The record shows that Muslim Ghanchis were included in the OBC list in 1993, Telis in 1999 but Modh Ghanchis were included in 2000. (An earlier report had erroneously mentioned that Patel had made a mistake in tweeting that Ghanchis were included in the list during the tenure of Vajpayee. The error is regretted.)
It is, however, instructive to see what the Prime Minister Narendra Modi himself had said about Ghanchis and OBCs. During his prime ministerial campaign in 2014, writes retired bureaucrat P.S. Krishnan, “Modi had declared that the coming decade will be the decade of Dalits, Adivasis and the Picchade Varg (Socially and Educationally Backward Classes). He had also said that in the six decades after independence, the SCs, STs and SEdBCs had not got their due and it was for him to fulfil the task.”
Krishnan also noted, “Modi had, in his speeches of 2014, outlined what he would do for weavers (who are Muslim SEdBCs in Varanasi and most of north India, Hindu SEdBCs in the south, SCs in the west and north-west, Hindu and Muslim SEdBCs in the east and STs in the northeast) and fisher-folk (Hindu, Christian and Muslim SEdBCs in the south and SCs in the east and north east).”
Clearly, naming Backward Castes or OBC communities, referring to their backwardness etc., is not a caste slur. So, how did Aakar Patel’s tweets defame the Prime Minister or the community? Media reports do provide a clue and suggest that the complainant is blaming Patel for linking the Hindu Ghanchis and the Prime Minister by implication with the Godhra train burning incident when he tweeted that Muslim Ghanchis were said to be behind the arson? The complainant points out that Hindu Ghanchis had nothing to do with Muslim Ghanchis but by association it has been implied that Modi, then the Gujarat CM, was behind the burning of the train. Makes any sense? It clearly does to Surat Police.
Surat Police did take cognizance and Patel did have to fly from Bangalore to Surat, obtain anticipatory bail and spent the better part of a day in the company of the Crime Branch.
Patel had got anticipatory bail from the Surat Sessions court on in the case registered under IPC Sections 153 (A) (promoting enmity between different groups), 295 (A) (intent to insult a class of people), 505(1), (b), (c) (public statement intent to cause fear among public) and 499 and 500 (defamation) following a complaint filed by Purnesh Modi.
Surat Police is learnt to have asked him to submit the device (Smart Phone or his laptop) used for sending out his tweets, for forensic examination. It is safe to assume that he is unlikely to get them back in the near future.

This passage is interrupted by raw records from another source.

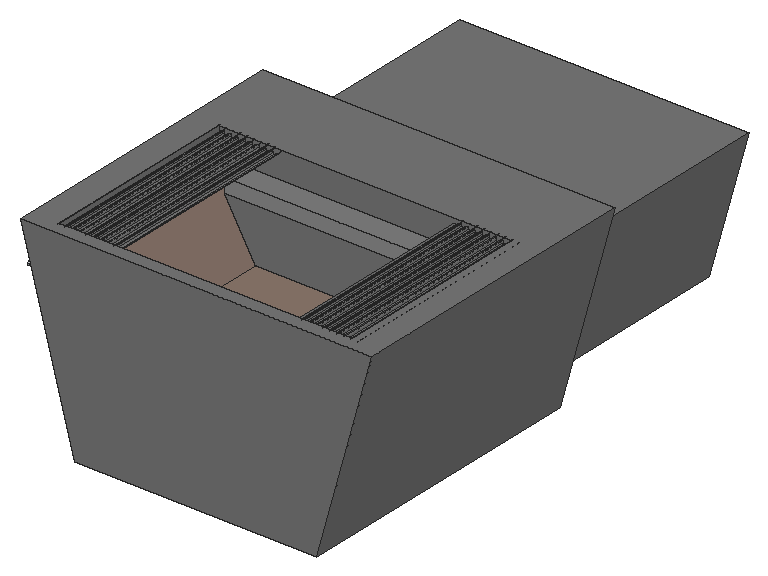
Revit family "Fireplace_Gas_Heatilator_Legacy", category Mechanical Equipment, host Face, Revit 2015
Parameters (values of type "42 x 28.5 Viewing Area LP")
  gasrad [instance] = Gas Connection Diameter / 2  # 0' - 0 1/4"
  exhaustrad [instance] = Exhaust Connection Diameter / 2  # 0' - 4 7/16"
  Warranty Duration (Years) = 0
  Unit Width = 4' - 2 3/8"
  Unit Weight = 0
  Unit Height = 6' - 2 1/8"
  Unit Depth = 2' - 4 1/2"
  URL = "http://www.heatilator.com/"
  Test Data = ""
  Standards Conformance = "UL 307B  ;  ANSI Z21.50-2016  ;  CSA 2.22-2016"
  Specification = "http://www.arcat.com/sdspecs/htm04/10_31_06hea.htm"
  SpecWizard = ""
  Send Message = "http://www.arcat.com/users.pl?action=UserEmail&amp;company=Heatilator<sup><small></small></sup>&amp;coid=49248&amp;rep=144&amp;fax=&amp;mf=95"
  Screen [instance] = LegacyFace : Mesh Screen
  Sales Information = "http://www.heatilator.com/Contact-Us.aspx"
  Revision = "R1_2018-05"
  Recess Into Host [instance] = 2' - 4 1/2"
  Rear Width = 2' - 10 5/8"
  Rear Wall Finish [instance] = Masonry - HHT - Brick as Specified
  Product Properties = ""
  Product Data = "http://www.arcat.com/arcatcos/cos9549/arc49248.html"
  Opening Width = 3' - 6"
  Opening Offset = 0' - 1 7/8"
  Opening Height = 2' - 4 1/2"
  Mounting Height [instance] = 1' - 10.76867"
  Model = "LEGACY42-IFT"
  Manufacturer Website = "http://www.heatilator.com/"
  Manufacturer Phone - Toll Free = "800-927-6841"
  Manufacturer Phone = ""
  Manufacturer Fax = ""
  Manufacturer Address = "7571 215th St. W.  Lakeville, MN 55044"
  Manufacturer = "Heatilator"
  Maintenance Schedule (Months) = 0
  Keynote = "10305"
  Installation-Fabrication = ""
  Installation Phase = ""
  Heating Capacity = "as Specified"
  HVAC_BTU Output = 0.0 Btu/h
  HVAC_BTU Input = 65000.0 Btu/h
  Green Building-LEED = ""
  Glazing Tint [instance] = Glazing - HHT - Clear
  Gas Connection Diameter [instance] = 1/2"
  Fuel Type = "Liquid Petroleum"
  Fuel Consumption = "as Specified"
  Fixture Finish = Metal - HHT - Metallic Black
  Expected Lifespan (Years) = 0
  Exhaust Connection Diameter = 8 7/8"
  Efficiency Ratings = "EnerGuide 19.8"
  Drawn By = "Sumex Design, Inc. / Robert S. Weygant, CSI, CDT, SCIP"
  DoorHeight = 2' - 6 1/2"
  Door Width = 3' - 8"
  Door Finish [instance] = Metal - HHT - Metallic Black
  Description = "Heatilator Gas Burning Fireplace - Legacy as Specified"
  Default Elevation = 0' - 0"
  Copyright = "©Arcat Inc."
  Construction Details = "http://www.arcat.com/details/heatil/heatil.html?coid=49248"
  Building Codes = ""
  Assembly Code = "D3020"
Types (2): name | Fuel Type
  42 x 28.5 Viewing Area NG | "Natural Gas"
  42 x 28.5 Viewing Area LP | "Liquid Petroleum"
Reference planes (in)
  plane 1 "Opening CL": y = 0
  plane 2: z = 0
  plane 3 "Center (Left/Right)": x = 0
  plane 4: z = -28.5
  plane 5 "Front": z = 0
  plane 6: x = -21
  plane 7: x = 21
  plane 8: y = 11.9375
  plane 9 "FF": y = -41.20617
  plane 10: y = -18.4375
  plane 11: y = -16.5625
  plane 12: x = -25.1875
  plane 13: x = 25.1875
  plane 14: y = 25.0625
  plane 15: x = -17.3125
  plane 16: x = 17.3125
  plane 17: y = 54.6875
Forms (in)
  Extrusion 1, void
    sketch origin (0, 0, 0) x (1, 0, 0) y (0, 1, 0)
      loop
        line (25.1875, 25.0625) -> (-25.1875, 25.0625) -> (-25.1875, -18.4375) -> (25.1875, -18.4375) -> (25.1875, 25.0625)
    from -28.5 to 5.63952
  Extrusion 2, solid, material "Metal - HHT - Metallic Black" <- "Fixture Finish"
    sketch origin (-27.60421, 54.6875, 48) x (-1, 0, 0) y (0, 0, 1)
      loop
        circle (-27.60421, -65.5) r 4.4375
    from 1 to 0
  Extrusion 3, solid, material "Metal - HHT - Metallic Black" <- "Fixture Finish"
    sketch origin (-6.5, -18.4375, 48) x (1, 0, 0) y (0, 0, 1)
      loop
        line (-18.6875, -48) -> (-10.8125, -76.5) -> (23.8125, -76.5) -> (31.6875, -48) -> (-18.6875, -48)
    from -1.875 to 0
  Extrusion 4, solid, material "Metal - HHT - Metallic Black" <- "Fixture Finish"
    sketch origin (-6.5, -18.4375, 48) x (1, 0, 0) y (0, 0, 1)
      loop
        line (-18.6875, -48) -> (-10.8125, -76.5) -> (23.8125, -76.5) -> (31.6875, -48) -> (27.5, -48) -> (27.5, -49) -> (19.99445, -62) -> (-6.99445, -62) -> (-14.5, -49) -> (-14.5, -48) -> (-18.6875, -48)
    from -30.375 to -1.875
  Extrusion 5, solid, material "Metal - HHT - Metallic Black" <- "Fixture Finish"
    sketch origin (-6.5, -18.4375, 48) x (1, 0, 0) y (0, 0, 1)
      loop
        line (-18.6875, -48) -> (-10.8125, -76.5) -> (23.8125, -76.5) -> (31.6875, -48) -> (-18.6875, -48)
    from -30.375 to -43.5
  Extrusion 6, solid
    sketch origin (0, 0, 0) x (0, 1, 0) y (0, 0, 1)
      loop
        circle (-16.8125, -6.375) r 0.25
    from -25.1875 to -24.25803
  Extrusion 7, solid, material "Metal - HHT - Metallic Black" <- "Fixture Finish"
    sketch origin (0, 25.0625, 0) x (0, 0, -1) y (1, 0, 0)
      loop
        line (5, -20.6935) -> (25.5, -15.02903) -> (25.5, 15.02903) -> (5, 20.6935) -> (5, -20.6935)
    from 0 to -29.625
  Extrusion 8, solid, material "Metal - HHT - Metallic Black" <- "Fixture Finish"
    sketch origin (0, 0, 0) x (0, 1, 0) y (0, 0, 1)
      loop
        line (11.9375, -3.75) -> (9.98894, -4.875) -> (9, -6.28736) -> (9, -14) -> (11.9375, -14) -> (11.9375, -3.75)
    from -21 to 21
  Extrusion 9, solid, material "Metal - HHT - Metallic Black" <- "Fixture Finish"
    sketch origin (15.02903, 25.0625, -25.5) x (0, 1, 0) y (1, 0, 0)
      loop
        circle (22.875, -15.02903) r 4.4375
    from 0 to 1.14394
Cuts and joins
  joined: Extrusion 3, Extrusion 4, Extrusion 5
Dimensions and locks (in)
  "Recess Into Host": level to plane 4
  "Unit Depth": plane 5 "Front" to plane 4
  equal spacing: plane 6, plane 3 "Center (Left/Right)", plane 7
  "Opening Width": plane 6 to plane 7
  "Mounting Height": plane 10 to plane 9 "FF"
  "Opening Offset": plane 10 to plane 11
  "Opening Height": plane 8 to plane 11
  equal spacing: plane 12, plane 3 "Center (Left/Right)", plane 13
  "Unit Width": plane 12 to plane 13
  locked: Extrusion 2 sketch curve to plane 3 "Center (Left/Right)" at 0
  equal spacing: plane 16, plane 3 "Center (Left/Right)", plane 15
  "Rear Width": plane 16 to plane 15
  locked: plane 5 "Front" to Extrusion 4 sketch curve at 14
  locked: plane 5 "Front" to Extrusion 4 sketch curve at 1  (x2)
  locked: plane 5 "Front" to Extrusion 6 sketch curve at 6.375
  locked: plane 10 to Extrusion 6 sketch curve at 1.625
  locked: Extrusion 2 sketch curve to plane 4 at 11
  locked: plane 10 to plane 14 at 43.5
  locked: plane 10 to plane 17 at 73.125
  locked: plane 5 "Front" to Extrusion 7 sketch curve at 5
  locked: Extrusion 7 sketch curve to plane 4 at 3
  locked: plane 17 to Extrusion 9 sketch curve at 6.75
  "exhaustrad": radius of Extrusion 2 sketch curve
  "gasrad": radius of Extrusion 6 sketch curve
  locked: Extrusion 4 sketch curve to plane 7 (angle 30.00°)
  locked: plane 6 to Extrusion 4 sketch curve (angle 30.00°)
  aligned and locked: plane 2 to host face
  aligned and locked: level to host face
  aligned: Extrusion 1 to plane 5 "Front"
  aligned and locked: Extrusion 1 to plane 4
  aligned and locked: Extrusion 1 sketch curve to plane 10
  aligned and locked: plane 13 to Extrusion 1 sketch curve
  aligned and locked: Extrusion 1 sketch curve to plane 12
  aligned and locked: Extrusion 1 sketch curve to plane 14
  aligned and locked: plane 5 "Front" to Extrusion 3 sketch curve
  aligned and locked: Extrusion 3 sketch curve to plane 4
  aligned and locked: plane 16 to Extrusion 3 sketch curve
  aligned and locked: plane 15 to Extrusion 3 sketch curve
  aligned and locked: Extrusion 3 to plane 10
  aligned: Extrusion 3 to plane 11
  aligned and locked: plane 5 "Front" to Extrusion 4 sketch curve
  aligned and locked: Extrusion 4 sketch curve to plane 5 "Front"
  aligned and locked: plane 15 to Extrusion 4 sketch curve
  aligned and locked: plane 16 to Extrusion 4 sketch curve
  aligned and locked: Extrusion 4 sketch curve to plane 4
  aligned and locked: Extrusion 4 to plane 8
  aligned: Extrusion 4 to plane 11
  aligned and locked: plane 5 "Front" to Extrusion 5 sketch curve
  aligned and locked: plane 15 to Extrusion 5 sketch curve
  aligned and locked: plane 16 to Extrusion 5 sketch curve
  aligned and locked: plane 13 to Extrusion 5 sketch curve
  aligned and locked: plane 12 to Extrusion 5 sketch curve
  aligned and locked: Extrusion 5 to plane 8
  aligned and locked: Extrusion 6 to plane 12
  aligned and locked: Extrusion 5 to plane 14
  aligned and locked: plane 11 to cut or joined group of Extrusion 3, Extrusion 4, Extrusion 5
  aligned and locked: cut or joined group of Extrusion 3, Extrusion 4, Extrusion 5 to plane 11
  aligned and locked: plane 17 to Extrusion 7
  aligned and locked: Extrusion 8 to plane 6
  aligned and locked: Extrusion 8 to plane 7
  aligned and locked: plane 3 "Center (Left/Right)" to nested 1
  aligned and locked: nested 1 to plane 10
Automatic sketch dimensions
  host sketch curve to host sketch curve = 8' - 0"
  host sketch curve to host sketch curve = 14' - 7"
  Extrusion 5 sketch curve to plane 4 = 0' - 0"
  Extrusion 3 sketch curve to plane 12 = 0' - 0"
  Extrusion 3 sketch curve to plane 13 = 0' - 0"
  Extrusion 4 sketch curve to plane 12 = 0' - 0"
  Extrusion 4 sketch curve to plane 6 = 0' - 0"
  Extrusion 4 sketch curve to plane 7 = 0' - 0"
  Extrusion 4 sketch curve to plane 13 = 0' - 0"
  Extrusion 7 sketch curve to plane 7 = 0' - 0.3065"
  Extrusion 7 sketch curve to plane 16 = 0' - 2.28347"
  plane 15 to Extrusion 7 sketch curve = 0' - 2.28347"
  plane 6 to Extrusion 7 sketch curve = 0' - 0.3065"
  Extrusion 8 sketch curve to plane 8 = 0' - 0"
  Extrusion 8 sketch curve to plane 8 = 0' - 1.94856"
  Extrusion 8 sketch curve to plane 8 = 0' - 2 15/16"
  Extrusion 8 sketch curve to level = 1' - 2"
  Extrusion 8 sketch curve to level = 0' - 6.28736"
  Extrusion 8 sketch curve to Extrusion 8 sketch curve = 0' - 1.41236"
  Extrusion 8 sketch curve to Extrusion 8 sketch curve = 0' - 1 1/8"
  Extrusion 7 to Extrusion 9 sketch curve = 1' - 3.02903"
  radius of Extrusion 9 sketch curve = 0' - 4 7/16"
Nested families (in)
  nested 1: "LegacyFace" at (0, -18.4375, 0), frame finish <- "Door Finish", clear material <- "Glazing Tint", Width <- "Door Width", Height <- "DoorHeight", type <- "Screen", type "Mesh Screen"
    with frame finish Metal - HHT - Metallic Black, contourwidth 4' - 3 1/2", contourmidhint 2' - 9 3/4", contourmidh 3' - 3 1/2", contouredgeh 2' - 10 1/2", contourdoormidhint 2' - 9 1/2", contourdoormidh 3' - 2 1/2", contourdooredgeh 2' - 9 1/2", clear material Glazing - HHT - Clear, baseoffset 0' - 0 7/8", built-in parameter 1001301 3' - 8", built-in parameter 1001300 2' - 6 1/2"
Connectors (in)
  hvac at (0, 55.6875, -17.5), driven by "exhaustrad"
    settings: on Extrusion 2, index 2, duct flow 0 CFM, flow factor 0, pres drop 0.00 in-wg, loss coef 0, conn angle 0.00°, conn width 12", conn height 12", conn diameter 8 7/8", duct sys type 3, conn prof type 0, flow config 0, flow direction 2, loss method 0, conn ref index -1, conn util no, is conn primary yes, conn desc "Flue Option"
  piping at (-25.1875, -16.8125, -6.375), diameter 0.5, driven by "gasrad"
    settings: on Extrusion 6, index 6, connector inside diameter 1/2", connector length 0' - 0", flow factor 0, pipe flow 0 GPM, pressure drop 0.00 psi, fitting loss kfactor 0, connector angle 0.00°, fixture units 0, engagement length 0' - 0", angle of deflection 0.00°, flow configuration 0, flow direction 1, fitting loss method 0, system type 29, joint type 0, gender type 0, connector reference index -1, connector utility 0, adjustable connector no, is connector primary yes, connector description "Gas Inlet"
  electrical at (21.25, 3.3125, -14.25)
    settings: on cut or joined group of Extrusion 3, Extrusion 4, Extrusion 5, index 7, voltage 0 V, apparent load 0 VA, apparent load phase1 0 VA, apparent load phase2 0 VA, apparent load phase3 0 VA, power factor 1, load classification "Other", number of poles 1, system type 31, power factor state 1, is connector primary yes, connector utility no, sub classification motor no, connector description ""
  hvac at (0, 47.9375, -26.64394), driven by "exhaustrad"
    settings: on Extrusion 9, index 8, duct flow 0 CFM, flow factor 0, pres drop 0.00 in-wg, loss coef 0, conn angle 0.00°, conn width 12", conn height 12", conn diameter 8 7/8", duct sys type 3, conn prof type 0, flow config 0, flow direction 2, loss method 0, conn ref index -1, conn util no, is conn primary no, conn desc "Flue Option"
Definition of nested family "LegacyFace"
  Parameters (values of type "Grand Vista")
    frame finish [instance] = none
    contourwidth [instance] = Width + 0' 7 1/2"  # 3' - 7 1/2"
    contourmidhint [instance] = contourmidh - 0' 5 3/4"  # 2' - 9 3/4"
    contourmidh [instance] = if(Width > 3' 8", 3' 8 1/8", 3' 3 1/2")  # 3' - 3 1/2"
    contouredgeh [instance] = if(Width > 3' 8", 3' 3", 2' 10 1/2")  # 2' - 10 1/2"
    contourdoormidhint [instance] = contourdoormidh - 0' 5"  # 2' - 9 1/2"
    contourdoormidh [instance] = contourmidh - 0' 1"  # 3' - 2 1/2"
    contourdooredgeh [instance] = contouredgeh - 0' 1"  # 2' - 9 1/2"
    clear material [instance] = none
    baseoffset [instance] = 0' - 0 7/8"  # constant formula
    Width [instance] = 3' - 0"
    Mesh Screen = no
    Mesh Doodads = yes
    Height [instance] = 2' - 4 1/2"
    Default Elevation = 4' - 0"
    Contour = no
    BiFold = no
    Assembly Code = ""
    Double Door = yes
  Types (2): name | Mesh Screen | Mesh Doodads | Height | Double Door
    Grand Vista | no | yes | 2' - 4 1/2" | yes
    Mesh Screen | yes | no | 3' - 2" | no
  Reference planes (in)
    plane 1 "Center (Front/Back)": y = 0
    plane 2: z = 0
    plane 3 "Center (Left/Right)": x = 0
    plane 4: x = -18
    plane 5: x = 18
    plane 6: y = 0.875
    plane 7: y = 29.375
    plane 8: x = -9
    plane 9: x = 9
    plane 10: x = -14.5
    plane 11: x = -16.5
    plane 12: x = -11.0625
    plane 13: x = -7.625
    plane 14: x = -4.1875
    plane 15: x = -0.75
    plane 16: x = 14.5
    plane 17: x = 16.5
    plane 18: x = 11.0625
    plane 19: x = 7.625
    plane 20: x = 4.1875
    plane 21: x = 0.75
  Forms (in)
    Extrusion 1, solid, material <- "clear material", visible <- "BiFold"
      sketch origin (0, 0, 0) x (1, 0, 0) y (0, 1, 0)
        loop
          line (-9.125, 27.375) -> (-18, 27.375) -> (-18, 2.875) -> (-9.125, 2.875) -> (-9.125, 27.375)
        loop
          line (-8.875, 27.375) -> (-8.875, 2.875) -> (-0.6875, 2.875) -> (-0.6875, 27.375) -> (-8.875, 27.375)
        loop
          line (9.125, 27.375) -> (9.125, 2.875) -> (18, 2.875) -> (18, 27.375) -> (9.125, 27.375)
        loop
          line (8.875, 27.375) -> (0.6875, 27.375) -> (0.6875, 2.875) -> (8.875, 2.875) -> (8.875, 27.375)
      from 0.5 to 0.25
    Extrusion 2, solid, material <- "frame finish", visible <- "Double Door"
      sketch origin (0, 0, 0) x (1, 0, 0) y (0, 1, 0)
        loop
          line (-17.69338, 24.51849) -> (-17.69338, 22.26849) -> (-16.44338, 22.26849) -> (-16.44338, 24.51849) -> (-17.69338, 24.51849)
        loop
          line (17.69338, 24.51849) -> (16.44338, 24.51849) -> (16.44338, 22.26849) -> (17.69338, 22.26849) -> (17.69338, 24.51849)
        loop
          line (-17.69338, 7.76849) -> (-17.69338, 5.51849) -> (-16.44338, 5.51849) -> (-16.44338, 7.76849) -> (-17.69338, 7.76849)
        loop
          line (17.69338, 7.76849) -> (16.44338, 7.76849) -> (16.44338, 5.51849) -> (17.69338, 5.51849) -> (17.69338, 7.76849)
      from 0.75 to 1.25
    Extrusion 3, solid, material <- "frame finish", visible <- "Mesh Doodads"
      sketch origin (0, 0, 0) x (1, 0, 0) y (0, 1, 0)
        loop
          line (-1.27485, 2.6259) -> (-3.52485, 2.6259) -> (-3.52485, 2.1259) -> (-1.27485, 2.1259) -> (-1.27485, 2.6259)
        loop
          line (1.27485, 2.6259) -> (1.27485, 2.1259) -> (3.52485, 2.1259) -> (3.52485, 2.6259) -> (1.27485, 2.6259)
      from 0.75 to 1.75
    Extrusion 4, solid, material <- "frame finish", visible <- "Double Door"
      sketch origin (0, 0, 0) x (1, 0, 0) y (0, 1, 0)
        loop
          line (-18, 29.375) -> (-18, 0.875) -> (18, 0.875) -> (18, 29.375) -> (-18, 29.375)
        loop
          line (-17, 28.375) -> (-17, 1.875) -> (17, 1.875) -> (17, 28.375) -> (-17, 28.375)
      from 0 to 0.75
    Extrusion 5, solid, material <- "frame finish", visible <- "Double Door"
      sketch origin (0, 0, 0) x (1, 0, 0) y (0, 1, 0)
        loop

And if he is arrested and the Surat Police in its wisdom decide to pursue the case, the device or devices could be confiscated and kept as exhibits till the trial gets over. And never mind common sense or principles of natural justice, the case can certainly continue for very long; and the investigation can throw up startling evidence.
Who knows, Patel may even be implicated in the Delhi Riots case and accused of being in touch with anti-CAA protestors (he is after all the former India Head of Amnesty International and has consistently raised issues of Human Rights violation).
It will be an outrage. But if Delhi Police can implicate the likes of Salman Khurshid, Prashant Bhushan, Harsh Mander and Apoorvanand, Umar Khalid and students of Jamia and JNU in the Delhi riots, it should not be beyond Surat Police to implicate Aakar Patel. Keep fingers crossed.